Victory in the Cold War lead many in the US to hope for a reduction in tensions around the world and a “peace dividend” that would allow political leaders to focus on domestic priorities. American leaders eagerly looked forward to the time when they would not have to think about and fund the responses to crises around the world. For North Korea, being ignored by the US would be s very dangerous thing. As the balance of power had shifted on the peninsula, the ROK army had developed capabilities in training and materiel that made them at least the equal of the DPRK in conventional forces. The lack of resources had caused the forces in the North to deteriorate relative to those in the South. The trends in that equation would continue to favor the South Koreans until the South had an overwhelming advantage. Given that eventuality, North Korea knew that the one safeguard they had to prevent the ROK from rushing North to finish the Korean War was the presence of the Americans. If the Americans lost interest in the Korean situation, seeing it as a vestige of a Cold War that had ended, then there was a significant chance the US would pull out. 

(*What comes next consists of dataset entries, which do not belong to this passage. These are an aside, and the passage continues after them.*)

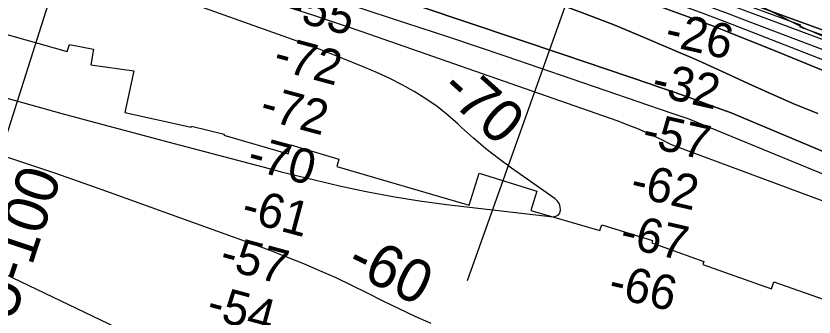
# Model space of a CAD drawing. Extents: x 3329297 to 3367176, y 649250 to 674653.
# Drawn here: x 3334604 to 3336153, y 670592 to 671176 of the extents above; entities that cross this region are included whole.
import ezdxf

# ---------------------------------------------------------------- set-up
doc = ezdxf.new("R2010")
doc.units = 0
for name, color, linetype in [('V-RIVR-EDGE', 7, 'Continuous'), ('V-RIVR-RANG', 7, 'Continuous'), ('V-RIVR-RANG-IDEN', 7, 'Continuous'), ('V-RRAP-RVMT', 7, 'Continuous'), ('V-TOPO-DPTH', 7, 'Continuous'), ('V-TOPO-MAJR', 7, 'Continuous'), ('V-TOPO-MINR', 7, 'Continuous'), ('V-TOPO-MINR-IDEN', 7, 'Continuous'), ('V-TOPO-WATR', 7, 'Continuous')]:
    doc.layers.add(name, color=color, linetype=linetype)

msp = doc.modelspace()

# ---------------------------------------------------------------- linework, layer by layer
at = {"layer": 'V-RIVR-EDGE'}
msp.add_spline([(3339166.4, 669632.4), (3339148.5, 669636.4), (3339138.8, 669636.8), (3339122.9, 669641.5), (3339105.1, 669646.9), (3339097, 669652), (3339093.1, 669656.3), (3339089.3, 669664.4), (3339086.6, 669669.1), (3339078.8, 669674.9), (3339053.6, 669688.2), (3339028.5, 669702.2), (3339020.7, 669706.5), (3339018, 669704.2), (3339012.6, 669704.6), (3339008.7, 669708.1), (3339008.3, 669710.4), (3339007.9, 669713.1), (3339007.6, 669715.1), (3338988.6, 669723.6), (3338974.6, 669732.6), (3338973.1, 669734.5), (3338972.7, 669738), (3338974.3, 669740.3), (3338974.3, 669743.8), (3338966.9, 669753.9), (3338965, 669758.6), (3338963.8, 669760.5), (3338956.5, 669764.4), (3338944.9, 669769.5), (3338928.2, 669778.1), (3338920.9, 669785.1), (3338906.6, 669803.3), (3338897.3, 669814.2), (3338888, 669824.7), (3338880.3, 669833.3), (3338874.1, 669838.7), (3338867.9, 669840.3), (3338862.1, 669843), (3338858.6, 669843), (3338858.6, 669845), (3338858.2, 669867.8), (3338860.6, 669870.9), (3338861.7, 669873.3), (3338861.8, 669876.4), (3338860.2, 669879.5), (3338854, 669882.6), (3338849, 669903.1), (3338843.6, 669917.5), (3338832.8, 669931.1), (3338822.7, 669940.8), (3338804.6, 669955.2), (3338800.7, 669956.8), (3338796, 669956.8), (3338788.7, 669955.3), (3338782.4, 669952.2), (3338775.5, 669955.7), (3338770.4, 669960.3), (3338765.4, 669965), (3338754.2, 669972.4), (3338742.6, 669981.4), (3338728.2, 669988.8), (3338714.7, 669995), (3338701.1, 670003.6), (3338693.4, 670012.1), (3338688, 670020.3), (3338682.6, 670033.5), (3338677.2, 670040.5), (3338665.2, 670046.3), (3338655.1, 670048.7), (3338655.5, 670045.9), (3338653.5, 670045.6), (3338643.5, 670046.4), (3338635.3, 670050.3), (3338633, 670053), (3338626.4, 670055.3), (3338615.2, 670057.3), (3338609, 670058.1), (3338601.6, 670062.8), (3338592.3, 670069.4), (3338582.2, 670071.7), (3338574.1, 670074.5), (3338568.3, 670078.7), (3338562.5, 670084.6), (3338561.3, 670087.7), (3338554.8, 670088.9), (3338551.3, 670089.3), (3338548.9, 670092), (3338544.3, 670098.6), (3338517.2, 670108.7), (3338513.3, 670111.8), (3338511.4, 670115.7), (3338497.8, 670118.9), (3338480, 670125.9), (3338471.5, 670130.2), (3338466.4, 670134.8), (3338451.7, 670140.3), (3338441.3, 670142.7), (3338438.2, 670142.3), (3338431.2, 670145.4), (3338420.3, 670150.1), (3338407.9, 670152.4), (3338393.2, 670156.7), (3338378.5, 670165.7), (3338345.2, 670189.4), (3338316.5, 670206.6), (3338280.9, 670231.5), (3338237.6, 670254.5), (3338210.4, 670270.8), (3338182.6, 670289.9), (3338148.9, 670317.5), (3338126.1, 670336.9), (3338116, 670348.2), (3338106.7, 670356.8), (3338093.6, 670363.8), (3338076.9, 670368.9), (3338057.5, 670376.3), (3338042.8, 670383.3), (3338026.5, 670392.6), (3338007.2, 670402.4), (3337994, 670405.5), (3337971.5, 670413.3), (3337948.7, 670420.8), (3337916.5, 670434), (3337912.6, 670440.6), (3337911.1, 670448.8), (3337908.8, 670453.8), (3337904.5, 670455.8), (3337891, 670459.7), (3337883.6, 670464.7), (3337879.4, 670466.7), (3337872.4, 670467.1), (3337862.7, 670467.1), (3337849.9, 670466), (3337839.8, 670463.7), (3337826.2, 670462.6), (3337810.7, 670465.7), (3337802.2, 670469.2), (3337788.3, 670478.2), (3337779.7, 670480.5), (3337774.3, 670481.7), (3337768.9, 670486.7), (3337764.6, 670490.6), (3337755.7, 670494.9), (3337749.1, 670496.9), (3337745.3, 670497.3), (3337740.6, 670495.3), (3337738.7, 670496.1), (3337735.2, 670499.2), (3337729.8, 670503.5), (3337724.7, 670508.2), (3337720.1, 670512.1), (3337706.1, 670514.4), (3337677.9, 670531.2), (3337643.8, 670545.2), (3337600.8, 670567), (3337560.1, 670585.4), (3337510.1, 670611.9), (3337463.3, 670636.4), (3337442.4, 670644.2), (3337416.8, 670652.4), (3337405.5, 670657.5), (3337401.7, 670661.4), (3337400.1, 670663.3), (3337395.5, 670665.7), (3337388.9, 670666.1), (3337376.9, 670670.8), (3337362.9, 670677.8), (3337340.9, 670690.6), (3337309.5, 670707), (3337291.3, 670714.8), (3337276.2, 670723), (3337252.6, 670737), (3337220, 670756.8), (3337155, 670798.5), (3337124.4, 670821.1), (3337111.2, 670827.3), (3337094.2, 670832.8), (3337076, 670836.7), (3337050.4, 670842.6), (3337028.7, 670849.6), (3337007.8, 670860.5), (3336991.9, 670867.9), (3336983.4, 670871.1), (3336969, 670873.4), (3336939.9, 670875.4), (3336902, 670884.4), (3336863.6, 670895.8), (3336821.4, 670910.6), (3336786.5, 670926.2), (3336740, 670949.6), (3336682.3, 670976.1), (3336635.4, 670997.2), (3336603.7, 671013.5), (3336585.5, 671022.5), (3336583.2, 671026.4), (3336580.1, 671031.1), (3336576.2, 671034.6), (3336549.5, 671045.1), (3336500.2, 671058), (3336451.4, 671070.2), (3336425.4, 671074.5), (3336399.8, 671076.5), (3336361.1, 671078.9), (3336337.4, 671082.8), (3336313.4, 671088.3), (3336290.9, 671094.6), (3336280.5, 671097.3), (3336275.4, 671097.3), (3336257.6, 671097.4), (3336194.8, 671123.9), (3336129.4, 671154.3), (3336078.6, 671179.7), (3336032.9, 671203), (3335979.5, 671230.3), (3335943, 671245.5), (3335907.8, 671259.2), (3335894.2, 671264.7), (3335887.6, 671265.5), (3335873.3, 671273.6), (3335871.4, 671277.1), (3335862.9, 671281.4), (3335831.1, 671293.5), (3335799.3, 671308.7), (3335763.7, 671327.4), (3335724.6, 671346.9), (3335714.5, 671352), (3335703.3, 671355.1), (3335699, 671358.2), (3335680, 671369.9), (3335645.9, 671385.5), (3335603.7, 671399.2), (3335573.1, 671406.6), (3335518.1, 671419.9), (3335470.4, 671436.7), (3335434, 671449.6), (3335405.3, 671466), (3335398, 671471), (3335385.9, 671471.1), (3335366.9, 671468.8), (3335346, 671463), (3335338.6, 671464.6), (3335338.6, 671467.3), (3335339, 671475.8), (3335337.9, 671478.9), (3335334.4, 671482), (3335319.7, 671486.7), (3335303, 671491), (3335280.1, 671488.4), (3335259.2, 671479.5), (3335245.6, 671472.2), (3335233.1, 671471.4), (3335223.8, 671474.2), (3335210.7, 671482), (3335198.7, 671485.9), (3335156.4, 671487.5), (3335124.6, 671488.4), (3335114.1, 671484.9), (3335094.7, 671474.1), (3335085.4, 671473.4), (3335075.3, 671475.7), (3335065.6, 671477.7), (3335064.9, 671478.5), (3335067.6, 671483.1), (3335066.8, 671484.7), (3335063.7, 671489.3), (3335039.7, 671501.4), (3335020.7, 671509.2), (3335003.3, 671512), (3334994.8, 671515.5), (3334990.9, 671517), (3334963, 671533.4), (3334933.2, 671549.4), (3334916.1, 671551.3), (3334894.4, 671557.6), (3334863.4, 671571.2), (3334847.9, 671581.8), (3334834.8, 671588), (3334809.2, 671598.5), (3334767.8, 671617.2), (3334744.9, 671627.8), (3334711.2, 671642.2), (3334691.4, 671649.2), (3334670.1, 671653.2), (3334647.6, 671659.8), (3334620.1, 671672.3), (3334605.4, 671678.5), (3334581, 671683.2), (3334555.8, 671689.1), (3334542.2, 671688.4), (3334534.1, 671688.8), (3334531.4, 671696.6), (3334523.7, 671706.3), (3334505.8, 671714.8), (3334480.3, 671719.2), (3334460.5, 671721.9), (3334457, 671720.4), (3334455, 671716.9), (3334456.6, 671713.8), (3334463.2, 671714.6), (3334467.4, 671712.2), (3334467.4, 671710.3), (3334462.8, 671708.4), (3334446.9, 671706.8), (3334429, 671707.7), (3334403.5, 671713.9), (3334397.7, 671718.6), (3334391.5, 671722.9), (3334378.7, 671723.7), (3334340.3, 671727.3), (3334305.4, 671730.1), (3334290.3, 671730.1), (3334281.3, 671731.7), (3334271.7, 671734.8), (3334266.2, 671735.6), (3334258.1, 671732.9), (3334246.4, 671726.7), (3334241.4, 671726.4), (3334232.5, 671729.5), (3334218.9, 671729.9), (3334190.6, 671730.7), (3334179, 671731.9), (3334163.5, 671737.4), (3334156.1, 671736.6), (3334151.4, 671732.4), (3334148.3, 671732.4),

Such a withdrawal, blowhard KCNA pronouncements notwithstanding, would be extremely perilous for the North. Even short of an attack by the South, should the US pull out, there would be very little leverage to get the US back into negotiations for economic incentives . Given these considerations, since Kim Il Sung and Kim Jung Il were not willing to capitulate or make total accommodation with the South, the only logical course of action remaining was to build a nuclear weapon. Conventional wisdom has long held that states with nuclear weapons are immune from conventional attacks and that they get attention from great powers. North Korea’s overt pursuit of a nuclear weapon and the crisis it provoked bore out this wisdom. North Korea managed to get massive infusion of aid to stave off starvation, acquired capital from the South Koreans and kept the US engaged on the peninsula. The significance of the North Korean nuclear program which it pursued out of self interest showed other countries that having nuclear weapons is the best way to prevent regime change by the West. It is apparent that Pakistan, Iran and perhaps even Syria have learned this lesson.